There were mice, mice running through the rice …
There were rats, rats, as big as alley cats …
But, but what about the squirrels, racoons, deer, crows and ravens? I guess I’ll have to make up my own lyrics. They say that wildlife is the natural way to prune your trees, and what you need
to do is plant enough for yourself and the wildlife.

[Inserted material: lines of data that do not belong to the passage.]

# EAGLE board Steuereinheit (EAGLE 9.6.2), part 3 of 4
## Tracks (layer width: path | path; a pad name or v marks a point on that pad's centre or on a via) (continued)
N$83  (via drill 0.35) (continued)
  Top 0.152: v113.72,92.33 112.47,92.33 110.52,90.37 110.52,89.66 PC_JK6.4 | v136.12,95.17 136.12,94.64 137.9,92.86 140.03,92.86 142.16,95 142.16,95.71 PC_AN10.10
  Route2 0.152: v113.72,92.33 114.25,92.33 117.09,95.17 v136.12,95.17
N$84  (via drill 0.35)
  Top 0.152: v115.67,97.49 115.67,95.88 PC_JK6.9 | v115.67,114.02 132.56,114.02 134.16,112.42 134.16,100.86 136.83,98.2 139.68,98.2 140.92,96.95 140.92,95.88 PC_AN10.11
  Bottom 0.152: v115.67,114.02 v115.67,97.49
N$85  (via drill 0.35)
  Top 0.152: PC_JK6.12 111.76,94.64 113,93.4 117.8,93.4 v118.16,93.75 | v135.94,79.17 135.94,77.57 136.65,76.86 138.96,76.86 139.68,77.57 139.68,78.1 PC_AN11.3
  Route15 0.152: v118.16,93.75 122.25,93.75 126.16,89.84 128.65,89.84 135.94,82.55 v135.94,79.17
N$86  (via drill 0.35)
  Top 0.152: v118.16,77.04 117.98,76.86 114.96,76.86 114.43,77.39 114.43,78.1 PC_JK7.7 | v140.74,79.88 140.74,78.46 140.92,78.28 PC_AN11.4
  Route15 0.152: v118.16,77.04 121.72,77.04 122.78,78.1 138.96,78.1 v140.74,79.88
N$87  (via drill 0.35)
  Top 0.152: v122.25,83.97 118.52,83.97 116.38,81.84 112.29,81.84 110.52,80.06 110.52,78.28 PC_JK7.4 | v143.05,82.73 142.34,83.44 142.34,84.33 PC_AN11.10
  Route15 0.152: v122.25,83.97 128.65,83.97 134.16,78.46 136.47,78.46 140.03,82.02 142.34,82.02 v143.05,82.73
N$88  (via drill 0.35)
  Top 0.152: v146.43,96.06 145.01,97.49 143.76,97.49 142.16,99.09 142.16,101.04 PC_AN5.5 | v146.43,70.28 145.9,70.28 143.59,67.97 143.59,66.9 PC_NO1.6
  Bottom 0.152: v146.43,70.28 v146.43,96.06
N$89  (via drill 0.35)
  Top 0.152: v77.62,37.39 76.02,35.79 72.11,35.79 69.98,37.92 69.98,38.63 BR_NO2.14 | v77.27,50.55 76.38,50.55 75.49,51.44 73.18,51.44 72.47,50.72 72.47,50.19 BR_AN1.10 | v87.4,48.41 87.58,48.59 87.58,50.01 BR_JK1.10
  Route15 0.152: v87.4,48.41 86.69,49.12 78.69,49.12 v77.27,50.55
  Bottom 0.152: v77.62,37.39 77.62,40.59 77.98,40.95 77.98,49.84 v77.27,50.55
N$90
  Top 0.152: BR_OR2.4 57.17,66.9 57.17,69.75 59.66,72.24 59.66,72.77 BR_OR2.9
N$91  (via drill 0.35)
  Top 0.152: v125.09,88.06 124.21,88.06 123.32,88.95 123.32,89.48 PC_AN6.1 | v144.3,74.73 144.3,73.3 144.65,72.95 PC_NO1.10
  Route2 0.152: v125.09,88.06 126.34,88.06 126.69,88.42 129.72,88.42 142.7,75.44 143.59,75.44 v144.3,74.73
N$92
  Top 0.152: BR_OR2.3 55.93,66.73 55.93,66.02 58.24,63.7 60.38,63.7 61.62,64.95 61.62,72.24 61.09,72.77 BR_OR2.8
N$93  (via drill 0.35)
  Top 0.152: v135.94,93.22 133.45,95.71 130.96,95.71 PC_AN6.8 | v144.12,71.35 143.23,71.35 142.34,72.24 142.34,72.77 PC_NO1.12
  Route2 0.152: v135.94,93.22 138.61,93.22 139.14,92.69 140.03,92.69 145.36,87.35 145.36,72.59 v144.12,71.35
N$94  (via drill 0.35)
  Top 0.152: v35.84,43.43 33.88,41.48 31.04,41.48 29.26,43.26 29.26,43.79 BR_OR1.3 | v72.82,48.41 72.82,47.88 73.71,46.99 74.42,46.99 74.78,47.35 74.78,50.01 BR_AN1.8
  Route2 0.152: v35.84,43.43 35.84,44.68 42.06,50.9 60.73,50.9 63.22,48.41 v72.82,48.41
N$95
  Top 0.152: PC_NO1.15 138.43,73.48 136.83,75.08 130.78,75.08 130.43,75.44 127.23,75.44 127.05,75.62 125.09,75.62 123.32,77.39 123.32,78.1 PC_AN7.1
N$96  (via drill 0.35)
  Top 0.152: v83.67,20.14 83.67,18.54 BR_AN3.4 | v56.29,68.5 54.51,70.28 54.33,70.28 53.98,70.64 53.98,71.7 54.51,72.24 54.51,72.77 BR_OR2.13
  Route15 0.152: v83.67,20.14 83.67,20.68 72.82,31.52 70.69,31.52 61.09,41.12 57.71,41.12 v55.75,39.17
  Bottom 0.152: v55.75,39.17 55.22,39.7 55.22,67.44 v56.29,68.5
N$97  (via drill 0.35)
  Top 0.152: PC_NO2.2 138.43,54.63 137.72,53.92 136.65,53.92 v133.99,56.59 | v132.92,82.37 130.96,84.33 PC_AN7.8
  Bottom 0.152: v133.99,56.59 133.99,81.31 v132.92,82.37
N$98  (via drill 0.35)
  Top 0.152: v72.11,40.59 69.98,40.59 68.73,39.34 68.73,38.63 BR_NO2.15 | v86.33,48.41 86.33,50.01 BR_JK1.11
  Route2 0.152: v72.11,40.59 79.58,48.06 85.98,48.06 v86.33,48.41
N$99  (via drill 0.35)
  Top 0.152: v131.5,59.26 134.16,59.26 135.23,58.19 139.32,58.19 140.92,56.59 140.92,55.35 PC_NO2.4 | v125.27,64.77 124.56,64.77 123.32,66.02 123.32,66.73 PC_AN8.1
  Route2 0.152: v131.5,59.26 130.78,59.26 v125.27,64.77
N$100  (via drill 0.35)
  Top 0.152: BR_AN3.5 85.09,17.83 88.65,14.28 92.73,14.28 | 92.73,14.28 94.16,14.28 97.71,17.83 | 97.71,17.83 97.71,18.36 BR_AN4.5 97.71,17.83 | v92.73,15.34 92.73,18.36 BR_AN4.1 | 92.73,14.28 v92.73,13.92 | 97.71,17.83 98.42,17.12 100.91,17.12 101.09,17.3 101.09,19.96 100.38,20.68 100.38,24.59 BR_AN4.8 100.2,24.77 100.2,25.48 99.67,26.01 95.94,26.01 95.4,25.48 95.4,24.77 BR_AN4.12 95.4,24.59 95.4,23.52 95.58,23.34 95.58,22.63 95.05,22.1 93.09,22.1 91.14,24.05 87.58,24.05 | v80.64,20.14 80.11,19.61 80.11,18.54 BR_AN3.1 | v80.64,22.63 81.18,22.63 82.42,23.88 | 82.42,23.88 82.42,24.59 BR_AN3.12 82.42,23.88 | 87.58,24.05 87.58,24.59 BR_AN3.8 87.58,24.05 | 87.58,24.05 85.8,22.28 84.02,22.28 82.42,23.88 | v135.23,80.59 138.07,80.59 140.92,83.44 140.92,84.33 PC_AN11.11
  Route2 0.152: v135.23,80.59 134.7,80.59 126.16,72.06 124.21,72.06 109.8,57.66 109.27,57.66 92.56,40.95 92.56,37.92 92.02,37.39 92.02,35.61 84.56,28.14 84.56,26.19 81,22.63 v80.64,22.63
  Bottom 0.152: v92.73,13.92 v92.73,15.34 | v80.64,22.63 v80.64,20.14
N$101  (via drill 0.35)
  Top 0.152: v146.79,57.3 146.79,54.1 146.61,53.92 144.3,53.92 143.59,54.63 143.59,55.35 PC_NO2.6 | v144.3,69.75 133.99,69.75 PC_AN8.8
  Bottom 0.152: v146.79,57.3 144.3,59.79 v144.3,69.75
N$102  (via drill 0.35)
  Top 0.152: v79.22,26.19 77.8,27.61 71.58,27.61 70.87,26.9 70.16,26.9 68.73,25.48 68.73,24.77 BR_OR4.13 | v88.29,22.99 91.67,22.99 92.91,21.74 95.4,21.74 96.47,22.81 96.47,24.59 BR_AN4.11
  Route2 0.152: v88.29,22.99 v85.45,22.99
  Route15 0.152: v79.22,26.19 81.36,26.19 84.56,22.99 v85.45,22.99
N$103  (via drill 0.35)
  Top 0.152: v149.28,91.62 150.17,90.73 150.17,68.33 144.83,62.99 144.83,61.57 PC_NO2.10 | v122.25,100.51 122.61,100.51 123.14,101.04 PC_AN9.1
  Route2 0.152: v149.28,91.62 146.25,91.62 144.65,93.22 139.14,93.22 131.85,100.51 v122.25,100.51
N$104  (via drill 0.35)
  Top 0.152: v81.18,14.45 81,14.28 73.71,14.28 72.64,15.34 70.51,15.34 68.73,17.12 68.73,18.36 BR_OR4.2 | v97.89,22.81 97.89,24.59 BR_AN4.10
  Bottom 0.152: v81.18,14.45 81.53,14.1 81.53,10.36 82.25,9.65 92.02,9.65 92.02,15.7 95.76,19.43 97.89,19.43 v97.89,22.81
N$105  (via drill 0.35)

One final true story: Early on, I made a pact with the birds. They could have the top half of the cherry trees and leave me the bottom half. That worked great for the first few years. Then came the year that I woke up to a loud shhishhh sound outside, like a tank of leaking compressed air or a high-pressure water leak. I followed the sound to the front of the cabin, to the big old Bing Cherry tree.
It was alive with a zillion birds. They were making a joyful noise, all of them. I went back into the farmhouse, totally bummed out. The next day, there was no noise. I went back to that tree and was amazed to see that it was loaded with unripened cherries still hanging. My joy lasted only seconds until I made a closer inspection. I’m such a rube! The unripened cherries were actually just the pits of the Bing cherries, still hanging on their stems! Those varmints (and all their distant relatives) had actually eaten all the flesh and left the rest.
But somehow, I cannot net the trees, because then the birds would get caught and perish a horrible death, and CD discs just look too unnatural. I guess I’ll have to share or scare them away with my new weapon – a water rifle. That and the squirrels, who heard from those birds that my cherries are quite yummy, and my collies can’t climb trees … yet. A luta continua!
Jackie Moad will continue to find ways to keep the varmint population down, at bay, or share with them the bounty of that 20-acre organic slice of Paradise in Cedar.